▸ What this task involves
Skip the pictures and give back the rest of the listing exactly.

☆ ☆ ☆ ☆ ☆

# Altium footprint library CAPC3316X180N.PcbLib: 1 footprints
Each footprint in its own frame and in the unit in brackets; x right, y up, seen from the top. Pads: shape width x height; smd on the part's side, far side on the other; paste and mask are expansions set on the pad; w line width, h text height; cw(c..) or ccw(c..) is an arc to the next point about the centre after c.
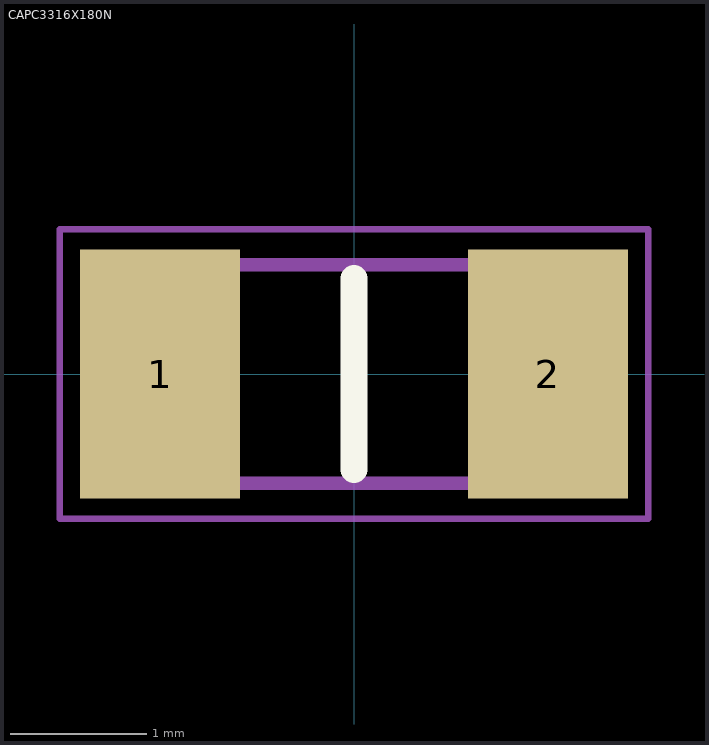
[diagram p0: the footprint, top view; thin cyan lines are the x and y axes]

## CAPC3316X180N [mm]
pads (2):
  rect 1.17x1.82 smd: 1(-1.42,0) 2(1.42,0)
Top Overlay:
  lines w0.2: 0,-0.7 0,0.7
Mechanical 15:
  lines w0.1: -1.65,-0.8 1.65,-0.8 1.65,0.8 -1.65,0.8 -1.65,-0.8
Mechanical 20:
  lines w0.05: -2.155,-1.06 2.155,-1.06 2.155,1.06 -2.155,1.06 -2.155,-1.06

☆ ☆ ☆ ☆ ☆

▸ The answer
# Altium footprint library CAPC3316X180N.PcbLib: 1 footprints
Each footprint in its own frame and in the unit in brackets; x right, y up, seen from the top. Pads: shape width x height; smd on the part's side, far side on the other; paste and mask are expansions set on the pad; w line width, h text height; cw(c..) or ccw(c..) is an arc to the next point about the centre after c.
[diagram p0: the footprint, top view; thin cyan lines are the x and y axes]

## CAPC3316X180N [mm]
pads (2):
  rect 1.17x1.82 smd: 1(-1.42,0) 2(1.42,0)
Top Overlay:
  lines w0.2: 0,-0.7 0,0.7
Mechanical 15:
  lines w0.1: -1.65,-0.8 1.65,-0.8 1.65,0.8 -1.65,0.8 -1.65,-0.8
Mechanical 20:
  lines w0.05: -2.155,-1.06 2.155,-1.06 2.155,1.06 -2.155,1.06 -2.155,-1.06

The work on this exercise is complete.